> _Exercise objective_: Write out word for word each line of the records, beginning at the first and stopping after the line with "FILE_DESCRIPTION (( 'STEP AP203' ), '1' );". Leave the pictures out.

> _Information shown_:
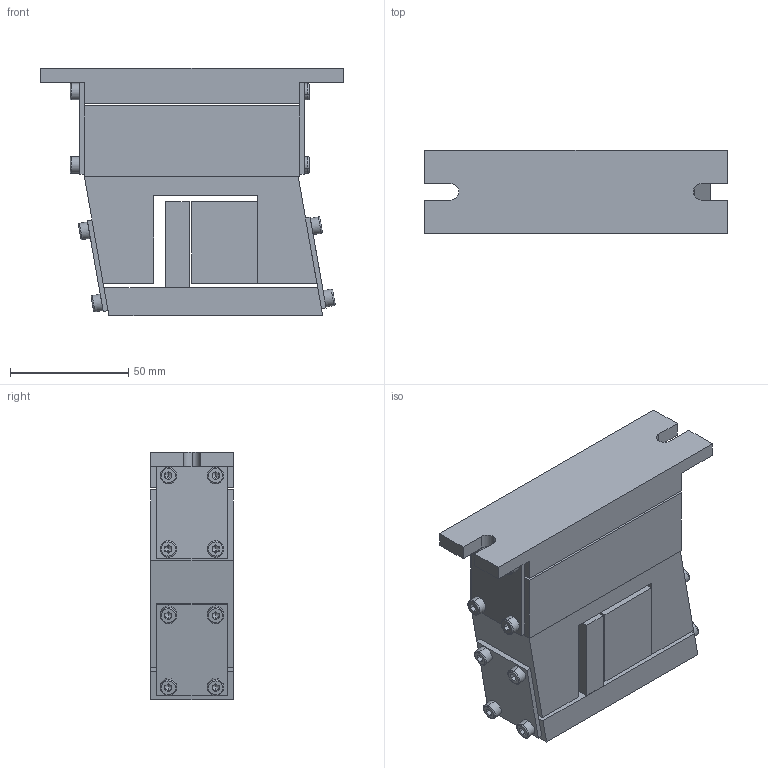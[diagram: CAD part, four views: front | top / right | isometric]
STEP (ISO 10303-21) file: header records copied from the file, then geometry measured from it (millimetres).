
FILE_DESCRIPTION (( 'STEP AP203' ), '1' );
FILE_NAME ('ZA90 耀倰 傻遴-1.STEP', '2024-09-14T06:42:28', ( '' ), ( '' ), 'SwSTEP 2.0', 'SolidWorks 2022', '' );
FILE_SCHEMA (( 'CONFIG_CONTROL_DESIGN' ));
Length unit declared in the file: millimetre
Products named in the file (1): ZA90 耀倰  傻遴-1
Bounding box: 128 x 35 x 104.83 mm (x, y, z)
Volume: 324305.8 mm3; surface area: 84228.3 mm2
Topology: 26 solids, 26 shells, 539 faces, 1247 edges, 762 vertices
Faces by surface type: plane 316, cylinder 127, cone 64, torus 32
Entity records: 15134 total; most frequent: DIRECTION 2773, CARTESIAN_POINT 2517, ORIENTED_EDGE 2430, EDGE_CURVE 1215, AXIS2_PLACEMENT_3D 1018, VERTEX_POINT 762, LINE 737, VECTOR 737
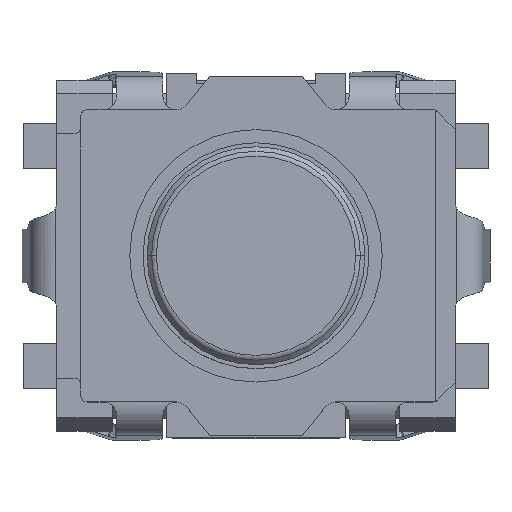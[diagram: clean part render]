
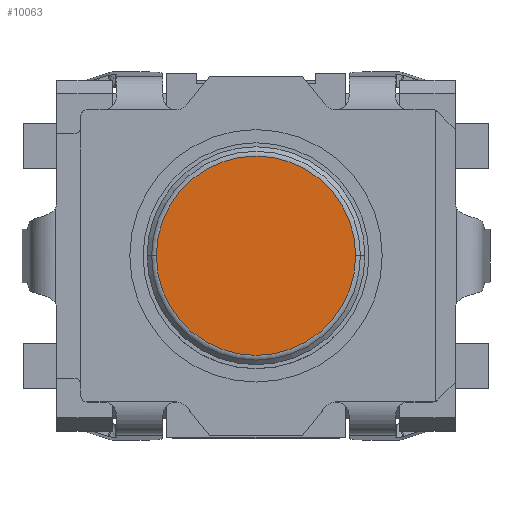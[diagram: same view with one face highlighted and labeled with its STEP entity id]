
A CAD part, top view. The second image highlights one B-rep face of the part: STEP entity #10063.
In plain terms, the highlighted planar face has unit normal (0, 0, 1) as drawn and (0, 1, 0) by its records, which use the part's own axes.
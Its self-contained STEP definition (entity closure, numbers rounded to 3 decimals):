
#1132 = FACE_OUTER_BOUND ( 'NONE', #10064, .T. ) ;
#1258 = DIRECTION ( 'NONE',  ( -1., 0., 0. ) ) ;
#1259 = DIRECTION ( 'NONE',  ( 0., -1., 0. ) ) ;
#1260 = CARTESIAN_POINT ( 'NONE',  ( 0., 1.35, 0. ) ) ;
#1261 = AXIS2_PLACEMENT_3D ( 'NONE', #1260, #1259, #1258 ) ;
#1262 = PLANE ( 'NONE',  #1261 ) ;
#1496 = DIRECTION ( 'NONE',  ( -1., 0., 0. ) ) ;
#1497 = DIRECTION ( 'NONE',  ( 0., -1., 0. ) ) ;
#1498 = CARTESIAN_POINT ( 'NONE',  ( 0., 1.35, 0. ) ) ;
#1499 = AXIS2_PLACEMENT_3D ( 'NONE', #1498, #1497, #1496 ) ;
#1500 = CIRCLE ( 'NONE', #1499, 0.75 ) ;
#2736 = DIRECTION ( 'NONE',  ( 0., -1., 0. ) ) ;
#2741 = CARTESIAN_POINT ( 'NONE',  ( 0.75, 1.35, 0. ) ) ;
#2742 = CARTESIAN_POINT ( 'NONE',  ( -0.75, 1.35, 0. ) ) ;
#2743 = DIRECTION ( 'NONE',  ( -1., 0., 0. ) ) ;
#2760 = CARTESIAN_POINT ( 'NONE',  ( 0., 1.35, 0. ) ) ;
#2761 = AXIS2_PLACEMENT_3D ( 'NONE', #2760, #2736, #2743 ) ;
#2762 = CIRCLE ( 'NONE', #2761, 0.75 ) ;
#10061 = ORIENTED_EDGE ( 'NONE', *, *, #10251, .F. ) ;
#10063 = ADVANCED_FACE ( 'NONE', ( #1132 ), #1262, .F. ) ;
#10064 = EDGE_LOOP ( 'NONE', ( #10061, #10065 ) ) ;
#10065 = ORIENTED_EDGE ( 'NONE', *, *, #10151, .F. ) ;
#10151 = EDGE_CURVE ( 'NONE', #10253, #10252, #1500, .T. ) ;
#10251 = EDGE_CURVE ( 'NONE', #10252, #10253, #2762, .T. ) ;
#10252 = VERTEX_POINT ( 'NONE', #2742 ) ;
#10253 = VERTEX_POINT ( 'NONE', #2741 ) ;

> _Finished task_:
[diagram: CAD part, four views: front | top / right | isometric]
STEP (ISO 10303-21) file: header records copied from the file, then geometry measured from it (millimetres).
FILE_DESCRIPTION (( 'STEP AP203' ), '1' );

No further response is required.